[TASK PROMPT]: The part to set down runs from the first line of the data below through the line with "IFC2X3 demands one", inclusive; write it exactly and leave out the pictures.

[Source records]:
---
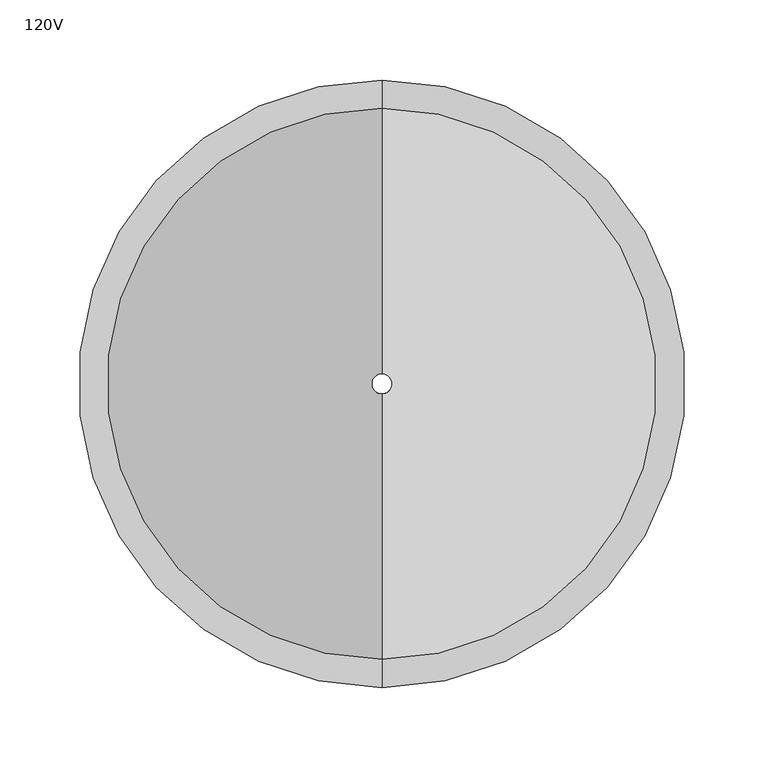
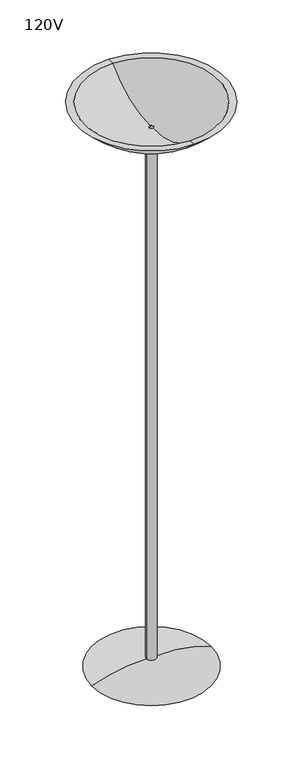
"""IFC4 building model written with IfcOpenShell, lengths in millimetres: light fixture geometry, Floor Lamp - Torchiere : 120V."""

import ifcopenshell
import ifcopenshell.guid

model = None  # the IFC model being written
_history = None  # IfcOwnerHistory: only IFC2X3 demands one
_inside = {}  # id of a spatial element -> (the spatial element, [elements in it])
_under = {}  # id of a project, library or spatial element -> (it, [spatial elements below it])
_declared = {}  # id of a project -> (the project, [libraries it declares])
_typed = {}  # id of a type object -> (the type object, [elements of that type])
_made_of = {}  # id of a material, layer set ... -> (it, [elements and type objects made of it])


def new_model(schema):
    """Start an empty IFC model of exactly this schema.

    Asked for "IFC4X3", IfcOpenShell would pick the latest addendum, in which some entities
    have other attributes; the version numbers below select the first issue.
    IFC2X3 requires an IfcOwnerHistory on every rooted entity: one is made here for all.
    """
    global model, _history
    if schema == "IFC4X3":
        model = ifcopenshell.file(schema_version=(4, 3, 0, 0))
    else:
        model = ifcopenshell.file(schema=schema)
    _inside.clear()
    _under.clear()
    _declared.clear()
    _typed.clear()
    _made_of.clear()
    _history = None
    if model.schema == "IFC2X3":
        org = make("IfcOrganization", Name="unknown")
        user = make(
            "IfcPersonAndOrganization",
            ThePerson=make("IfcPerson", FamilyName="unknown"),
            TheOrganization=org,
        )
        app = make(
            "IfcApplication",
            ApplicationDeveloper=org,
            Version="unknown",
            ApplicationFullName="unknown",
            ApplicationIdentifier="unknown",
        )
        _history = make(
            "IfcOwnerHistory",
            OwningUser=user,
            OwningApplication=app,
            ChangeAction="ADDED",
            CreationDate=0,
        )
    return model


def make(cls, **values):
    """One entity of the class cls with the attributes given. An attribute that is None is left unset."""
    return model.create_entity(
        cls, **{name: value for name, value in values.items() if value is not None}
    )


def rooted(cls, **values):
    """An entity with a GlobalId (a new one), such as an element, a storey or a relation."""
    return make(cls, GlobalId=ifcopenshell.guid.new(), OwnerHistory=_history, **values)


def si_unit(unit_type, name, prefix=None):
    """IfcSIUnit, for example si_unit("LENGTHUNIT", "METRE", prefix="MILLI")."""
    return make("IfcSIUnit", UnitType=unit_type, Prefix=prefix, Name=name)


def assignment(units):
    """IfcUnitAssignment: the units of a project."""
    return None if units is None else make("IfcUnitAssignment", Units=units)


def point(xyz):
    """IfcCartesianPoint."""
    return None if xyz is None else make("IfcCartesianPoint", Coordinates=xyz)


def direction(xyz):
    """IfcDirection."""
    return None if xyz is None else make("IfcDirection", DirectionRatios=xyz)


def frame(location, z_axis=None, x_axis=None):
    """IfcAxis2Placement3D, a coordinate frame: its origin and axes. An axis left out is left unset."""
    return make(
        "IfcAxis2Placement3D",
        Location=point(location),
        Axis=direction(z_axis),
        RefDirection=direction(x_axis),
    )


def origin():
    """The frame at (0, 0, 0) with its axes left unset."""
    return frame((0.0, 0.0, 0.0))


def place(relative_to, where):
    """IfcLocalPlacement: puts the frame where relative to a parent placement (None: the world)."""
    return make(
        "IfcLocalPlacement", PlacementRelTo=relative_to, RelativePlacement=where
    )


def context(
    kind, dimensions, precision=None, world=None, true_north=None, identifier=None
):
    """IfcGeometricRepresentationContext, for example the 3D "Model" context."""
    return make(
        "IfcGeometricRepresentationContext",
        ContextIdentifier=identifier,
        ContextType=kind,
        CoordinateSpaceDimension=dimensions,
        Precision=precision,
        WorldCoordinateSystem=world,
        TrueNorth=true_north,
    )


def project(units=None, contexts=None):
    """IfcProject with its units and contexts."""
    return rooted(
        "IfcProject",
        Name="project",
        RepresentationContexts=contexts,
        UnitsInContext=assignment(units),
    )


def spatial(cls, under=None, at=None, **own):
    """A site, building, storey or space (cls), placed at a placement, below another one or the project."""
    s = rooted(cls, ObjectPlacement=at, **own)
    if under is not None:
        _under.setdefault(under.id(), (under, []))[1].append(s)
    return s


def polyline(points):
    """IfcPolyline through the points."""
    return make("IfcPolyline", Points=[point(p) for p in points])


def circle_curve(where, radius):
    """IfcCircle in the frame where."""
    return make("IfcCircle", Position=where, Radius=radius)


def ellipse_curve(where, semi_axis1, semi_axis2):
    """IfcEllipse in the frame where."""
    return make(
        "IfcEllipse", Position=where, SemiAxis1=semi_axis1, SemiAxis2=semi_axis2
    )


def trimmed(basis, trim1, trim2, sense, master):
    """IfcTrimmedCurve: the piece of a basis curve between two trims."""
    return make(
        "IfcTrimmedCurve",
        BasisCurve=basis,
        Trim1=trim1,
        Trim2=trim2,
        SenseAgreement=sense,
        MasterRepresentation=master,
    )


def shape(context_of_items, identifier, shape_type, items):
    """IfcShapeRepresentation: the items that make up one representation, for example the "Body"."""
    return make(
        "IfcShapeRepresentation",
        ContextOfItems=context_of_items,
        RepresentationIdentifier=identifier,
        RepresentationType=shape_type,
        Items=items,
    )


def source(mapping_origin, context_of_items, identifier, shape_type, items):
    """IfcRepresentationMap: a shape defined once, which mapped items show again and again."""
    return make(
        "IfcRepresentationMap",
        MappingOrigin=mapping_origin,
        MappedRepresentation=shape(context_of_items, identifier, shape_type, items),
    )


def transform(
    local_origin,
    x_axis=None,
    y_axis=None,
    z_axis=None,
    scale=None,
    scale2=None,
    scale3=None,
    uniform=True,
):
    """IfcCartesianTransformationOperator3D, or its non-uniform kind. x_axis, y_axis, z_axis: its Axis1, 2, 3."""
    if uniform:
        return make(
            "IfcCartesianTransformationOperator3D",
            Axis1=direction(x_axis),
            Axis2=direction(y_axis),
            LocalOrigin=point(local_origin),
            Scale=scale,
            Axis3=direction(z_axis),
        )
    return make(
        "IfcCartesianTransformationOperator3DnonUniform",
        Axis1=direction(x_axis),
        Axis2=direction(y_axis),
        LocalOrigin=point(local_origin),
        Scale=scale,
        Axis3=direction(z_axis),
        Scale2=scale2,
        Scale3=scale3,
    )


def mapped(mapping_source, mapping_target):
    """IfcMappedItem: shows the shape of a source again, moved by a transform."""
    return make(
        "IfcMappedItem", MappingSource=mapping_source, MappingTarget=mapping_target
    )


def made_of(thing, what):
    """Note that an element or type object is made of a material, layer set ...; save() writes the relation."""
    if what is not None:
        _made_of.setdefault(what.id(), (what, []))[1].append(thing)
    return thing


def element(
    cls,
    number,
    at=None,
    inside=None,
    cuts=None,
    type_object=None,
    material=None,
    context=None,
    identifier="Body",
    shape_type=None,
    held_by="IfcProductDefinitionShape",
    body=None,
    shapes=None,
    **own,
):
    """One element of the class cls, such as IfcWall. Its Tag is "e" and its number.

    at: its placement. inside: the storey or other place that contains it. cuts: it is an
    opening in that element (IfcRelVoidsElement). A single representation is given by context,
    identifier, shape_type and body (its items); several are given by shapes. held_by: the class
    of the entity that holds the representations. save() writes the other relations.
    """
    e = rooted(cls, Tag="e%d" % number, ObjectPlacement=at, **own)
    if body is not None:
        shapes = [shape(context, identifier, shape_type, body)]
    if shapes is not None:
        e.Representation = make(held_by, Representations=shapes)
    if inside is not None:
        _inside.setdefault(inside.id(), (inside, []))[1].append(e)
    if cuts is not None:
        rooted(
            "IfcRelVoidsElement", RelatingBuildingElement=cuts, RelatedOpeningElement=e
        )
    if type_object is not None:
        _typed.setdefault(type_object.id(), (type_object, []))[1].append(e)
    return made_of(e, material)


def aggregate(whole, parts):
    """IfcRelAggregates: a whole, such as a stair, and the parts it consists of."""
    return rooted("IfcRelAggregates", RelatingObject=whole, RelatedObjects=parts)


def save(model, path):
    """Write the relations noted so far, then the file.

    IfcRelAggregates (storeys below a building ...), IfcRelContainedInSpatialStructure (elements
    in a storey), IfcRelDefinesByType, IfcRelAssociatesMaterial and IfcRelDeclares: one each for
    every whole, place, type object, material and project.
    """
    for whole, parts in _under.values():
        aggregate(whole, parts)
    for where, things in _inside.values():
        rooted(
            "IfcRelContainedInSpatialStructure",
            RelatedElements=things,
            RelatingStructure=where,
        )
    for kind, things in _typed.values():
        rooted("IfcRelDefinesByType", RelatedObjects=things, RelatingType=kind)
    for what, things in _made_of.values():
        rooted("IfcRelAssociatesMaterial", RelatedObjects=things, RelatingMaterial=what)
    for by, libraries in _declared.values():
        rooted("IfcRelDeclares", RelatingContext=by, RelatedDefinitions=libraries)
    model.write(path)


def plane_surface(at):
    """IfcPlane: the flat surface through the origin of the frame at, square to its z axis."""
    return make("IfcPlane", Position=at)


def cylinder_surface(at, radius):
    """IfcCylindricalSurface: all points at the distance radius from the z axis of the frame at."""
    return make("IfcCylindricalSurface", Position=at, Radius=radius)


def revolved_surface(curve, axis_point, axis_direction):
    """IfcSurfaceOfRevolution: the curve turned about the line through axis_point along axis_direction."""
    return make(
        "IfcSurfaceOfRevolution",
        SweptCurve=make("IfcArbitraryOpenProfileDef", ProfileType="CURVE", Curve=curve),
        AxisPosition=make("IfcAxis1Placement", Location=point(axis_point), Axis=direction(axis_direction)),
    )


def advanced_brep(points, edges, surfaces, faces):
    """IfcAdvancedBrep: a solid bounded by faces that lie on surfaces and meet in shared edges.

    An edge is (start, end): straight between two places in points (the first is 0);
    or (start, end, curve); or (start, end, curve, False) where it runs against its curve.
    A face is (place in surfaces, loops), or (place, loops, False) where it looks against
    its surface's normal. A loop lists edges by number (the first is 1), with a minus sign
    where the edge is run from its end to its start. The first loop is the outer one.
    """
    corners = [point(p) for p in points]
    vertices = [make("IfcVertexPoint", VertexGeometry=c) for c in corners]
    made = []
    for start, end, *more in edges:
        made.append(
            make(
                "IfcEdgeCurve",
                EdgeStart=vertices[start],
                EdgeEnd=vertices[end],
                EdgeGeometry=more[0] if more else make("IfcPolyline", Points=[corners[start], corners[end]]),
                SameSense=more[1] if len(more) > 1 else True,
            )
        )
    hull = []
    for where, loops, *sense in faces:
        bounds = []
        for j, loop in enumerate(loops):
            ring = [make("IfcOrientedEdge", EdgeElement=made[abs(k) - 1], Orientation=k > 0) for k in loop]
            bounds.append(
                make(
                    "IfcFaceOuterBound" if j == 0 else "IfcFaceBound",
                    Bound=make("IfcEdgeLoop", EdgeList=ring),
                    Orientation=True,
                )
            )
        hull.append(make("IfcAdvancedFace", Bounds=bounds, FaceSurface=surfaces[where], SameSense=sense[0] if sense else True))
    return make("IfcAdvancedBrep", Outer=make("IfcClosedShell", CfsFaces=hull))


def light_fixture_120v_8a54b260(model_context):
    return source(origin(), model_context, "Body", "AdvancedBrep", [
        advanced_brep(
        [(-12.7, 0.0, 23.8559377), (12.7, 0.0, 23.8559377), (152.4, 0.0, 0.0), (-152.4, 0.0, 0.0), (-12.7, 0.0, 1443.3755116), (12.7, 0.0, 1443.3755116), (-6.35, 0.0, 1443.3755116), (6.35, 0.0, 1443.3755116), (-6.35, 0.0, 0.0), (6.35, 0.0, 0.0)],
        [
            (0, 1, circle_curve(frame((0.0, 0.0, 23.8559377), z_axis=(0.0, 0.0, -1.0), x_axis=(0.0, 1.0, 0.0)), 12.7)),
            (1, 2, circle_curve(frame((27.9174306, 0.0, -307.9995076), z_axis=(0.0, 1.0, 0.0), x_axis=(1.0, 0.0, 0.0)), 332.2041643)),
            (2, 3, circle_curve(frame((0.0, 0.0, 0.0), z_axis=(0.0, 0.0, 1.0), x_axis=(0.0, 1.0, 0.0)), 152.4)),
            (3, 0, circle_curve(frame((-27.9174306, 0.0, -307.9995076), z_axis=(0.0, 1.0, 0.0), x_axis=(-1.0, 0.0, 0.0)), 332.2041643)),
            (1, 0, circle_curve(frame((0.0, 0.0, 23.8559377), z_axis=(0.0, 0.0, -1.0), x_axis=(0.0, 1.0, 0.0)), 12.7)),
            (3, 2, circle_curve(frame((0.0, 0.0, 0.0), z_axis=(0.0, 0.0, 1.0), x_axis=(0.0, 1.0, 0.0)), 152.4)),
            (4, 5, circle_curve(frame((0.0, 0.0, 1443.3755116), z_axis=(0.0, 0.0, -1.0), x_axis=(0.0, 1.0, 0.0)), 12.7)),
            (5, 1),
            (0, 4),
            (5, 4, circle_curve(frame((0.0, 0.0, 1443.3755116), z_axis=(0.0, 0.0, -1.0), x_axis=(0.0, 1.0, 0.0)), 12.7)),
            (6, 7, circle_curve(frame((0.0, 0.0, 1443.3755116), z_axis=(0.0, 0.0, -1.0), x_axis=(0.0, 1.0, 0.0)), 6.35)),
            (7, 5),
            (4, 6),
            (7, 6, circle_curve(frame((0.0, 0.0, 1443.3755116), z_axis=(0.0, 0.0, -1.0), x_axis=(0.0, 1.0, 0.0)), 6.35)),
            (8, 9, circle_curve(frame((0.0, 0.0, 0.0), z_axis=(0.0, 0.0, -1.0), x_axis=(0.0, 1.0, 0.0)), 6.35)),
            (9, 7),
            (6, 8),
            (9, 8, circle_curve(frame((0.0, 0.0, 0.0), z_axis=(0.0, 0.0, -1.0), x_axis=(0.0, 1.0, 0.0)), 6.35)),
            (2, 9),
            (8, 3),
        ],
        [
            revolved_surface(trimmed(ellipse_curve(frame((0.0, 27.9174306, -307.9995076), z_axis=(1.0, 0.0, 0.0), x_axis=(0.0, 1.0, 0.0)), 332.2041643, 332.2041643), [point((0.0, 152.4, 0.0))], [point((0.0, 12.7, 23.8559377))], True, "CARTESIAN"), (0.0, 0.0, 0.0), (0.0, 0.0, 1.0)),
            cylinder_surface(frame((0.0, 0.0, 0.0), z_axis=(0.0, 0.0, 1.0), x_axis=(0.0, 1.0, 0.0)), 12.7),
            plane_surface(frame((0.0, 0.0, 1443.3755116), z_axis=(0.0, 0.0, 1.0), x_axis=(0.0, 1.0, 0.0))),
            revolved_surface(polyline([(0.0, 6.35, 1443.3755116), (0.0, 6.35, 0.0)]), (0.0, 0.0, 0.0), (0.0, 0.0, 1.0)),
            plane_surface(frame((0.0, 0.0, 0.0), z_axis=(0.0, 0.0, -1.0), x_axis=(0.0, 1.0, 0.0))),
        ],
        [
            (0, [[1, 2, 3, 4]]),
            (0, [[5, -4, 6, -2]]),
            (1, [[7, 8, -1, 9]]),
            (1, [[10, -9, -5, -8]]),
            (2, [[11, 12, -7, 13]]),
            (2, [[14, -13, -10, -12]]),
            (3, [[15, 16, -11, 17]]),
            (3, [[18, -17, -14, -16]]),
            (4, [[-3, 19, -15, 20]]),
            (4, [[-6, -20, -18, -19]]),
        ],
    ),
        advanced_brep(
        [(0.0, -171.9151264, 1524.0), (0.0, 171.9151264, 1524.0), (0.0, 189.6566143, 1524.0), (0.0, -189.6566143, 1524.0), (0.0, -6.35, 1456.0755116), (0.0, 6.35, 1456.0755116), (0.0, -6.35, 1443.3755116), (0.0, 6.35, 1443.3755116), (0.0, -12.7, 1443.3755116), (0.0, 12.7, 1443.3755116)],
        [
            (0, 1, circle_curve(frame((0.0, 0.0, 1524.0), z_axis=(0.0, 0.0, -1.0), x_axis=(0.0, 1.0, 0.0)), 171.9151264)),
            (1, 2),
            (2, 3, circle_curve(frame((0.0, 0.0, 1524.0), z_axis=(0.0, 0.0, 1.0), x_axis=(0.0, 1.0, 0.0)), 189.6566143)),
            (3, 0),
            (1, 0, circle_curve(frame((0.0, 0.0, 1524.0), z_axis=(0.0, 0.0, -1.0), x_axis=(0.0, 1.0, 0.0)), 171.9151264)),
            (3, 2, circle_curve(frame((0.0, 0.0, 1524.0), z_axis=(0.0, 0.0, 1.0), x_axis=(0.0, 1.0, 0.0)), 189.6566143)),
            (4, 5, circle_curve(frame((0.0, 0.0, 1456.0755116), z_axis=(0.0, 0.0, -1.0), x_axis=(0.0, 1.0, 0.0)), 6.35)),
            (5, 1, circle_curve(frame((0.0, 6.35, 1691.8192616), z_axis=(1.0, 0.0, 0.0), x_axis=(0.0, 1.0, 0.0)), 235.74375)),
            (0, 4, circle_curve(frame((0.0, -6.35, 1691.8192616), z_axis=(1.0, 0.0, 0.0), x_axis=(0.0, -1.0, 0.0)), 235.74375)),
            (5, 4, circle_curve(frame((0.0, 0.0, 1456.0755116), z_axis=(0.0, 0.0, -1.0), x_axis=(0.0, 1.0, 0.0)), 6.35)),
            (6, 7, circle_curve(frame((0.0, 0.0, 1443.3755116), z_axis=(0.0, 0.0, -1.0), x_axis=(0.0, 1.0, 0.0)), 6.35)),
            (7, 5),
            (4, 6),
            (7, 6, circle_curve(frame((0.0, 0.0, 1443.3755116), z_axis=(0.0, 0.0, -1.0), x_axis=(0.0, 1.0, 0.0)), 6.35)),
            (8, 9, circle_curve(frame((0.0, 0.0, 1443.3755116), z_axis=(0.0, 0.0, -1.0), x_axis=(0.0, 1.0, 0.0)), 12.7)),
            (9, 7),
            (6, 8),
            (9, 8, circle_curve(frame((0.0, 0.0, 1443.3755116), z_axis=(0.0, 0.0, -1.0), x_axis=(0.0, 1.0, 0.0)), 12.7)),
            (2, 9, circle_curve(frame((0.0, 6.35, 1691.8192616), z_axis=(-1.0, 0.0, 0.0), x_axis=(0.0, 1.0, 0.0)), 248.5248869)),
            (8, 3, circle_curve(frame((0.0, -6.35, 1691.8192616), z_axis=(-1.0, 0.0, 0.0), x_axis=(0.0, -1.0, 0.0)), 248.5248869)),
        ],
        [
            plane_surface(frame((0.0, 0.0, 1524.0), z_axis=(0.0, 0.0, 1.0), x_axis=(0.0, 1.0, 0.0))),
            revolved_surface(trimmed(ellipse_curve(frame((0.0, 6.35, 1691.8192616), z_axis=(-1.0, 0.0, 0.0), x_axis=(0.0, 1.0, 0.0)), 235.74375, 235.74375), [point((0.0, 171.9151264, 1524.0))], [point((0.0, 6.35, 1456.0755116))], True, "CARTESIAN"), (0.0, 0.0, 1676.4), (0.0, 0.0, 1.0)),
            revolved_surface(polyline([(0.0, 6.35, 1456.0755116), (0.0, 6.35, 1443.3755116)]), (0.0, 0.0, 1676.4), (0.0, 0.0, 1.0)),
            plane_surface(frame((0.0, 0.0, 1443.3755116), z_axis=(0.0, 0.0, -1.0), x_axis=(0.0, 1.0, 0.0))),
            revolved_surface(trimmed(ellipse_curve(frame((0.0, 6.35, 1691.8192616), z_axis=(1.0, 0.0, 0.0), x_axis=(0.0, 1.0, 0.0)), 248.5248869, 248.5248869), [point((0.0, 12.7, 1443.3755116))], [point((0.0, 189.6566143, 1524.0))], True, "CARTESIAN"), (0.0, 0.0, 1676.4), (0.0, 0.0, 1.0)),
        ],
        [
            (0, [[1, 2, 3, 4]]),
            (0, [[5, -4, 6, -2]]),
            (1, [[7, 8, -1, 9]]),
            (1, [[10, -9, -5, -8]]),
            (2, [[11, 12, -7, 13]]),
            (2, [[14, -13, -10, -12]]),
            (3, [[15, 16, -11, 17]]),
            (3, [[18, -17, -14, -16]]),
            (4, [[-3, 19, -15, 20]]),
            (4, [[-6, -20, -18, -19]]),
        ],
    ),
    ])


if __name__ == "__main__":
    model = new_model("IFC4")
    model_context = context("Model", 3, world=origin())
    ifc_project = project(units=[si_unit("LENGTHUNIT", "METRE", prefix="MILLI")], contexts=[model_context])
    site = spatial("IfcSite", under=ifc_project)
    building = spatial("IfcBuilding", under=site)
    placement = place(None, origin())
    light_fixture_120v_shape = light_fixture_120v_8a54b260(model_context)
    element("IfcLightFixture", 1, ObjectType="Floor Lamp - Torchiere : 120V", at=placement, inside=building, context=model_context, shape_type="MappedRepresentation", body=[
        mapped(light_fixture_120v_shape, transform((0.0, 0.0, 0.0), x_axis=(1.0, 0.0, 0.0), y_axis=(0.0, 1.0, 0.0), z_axis=(0.0, 0.0, 1.0))),
    ])
    save(model, "model.ifc")
---
[ANSWER SECTION]:
"""IFC4 building model written with IfcOpenShell, lengths in millimetres: light fixture geometry, Floor Lamp - Torchiere : 120V."""

import ifcopenshell
import ifcopenshell.guid

model = None  # the IFC model being written
_history = None  # IfcOwnerHistory: only IFC2X3 demands one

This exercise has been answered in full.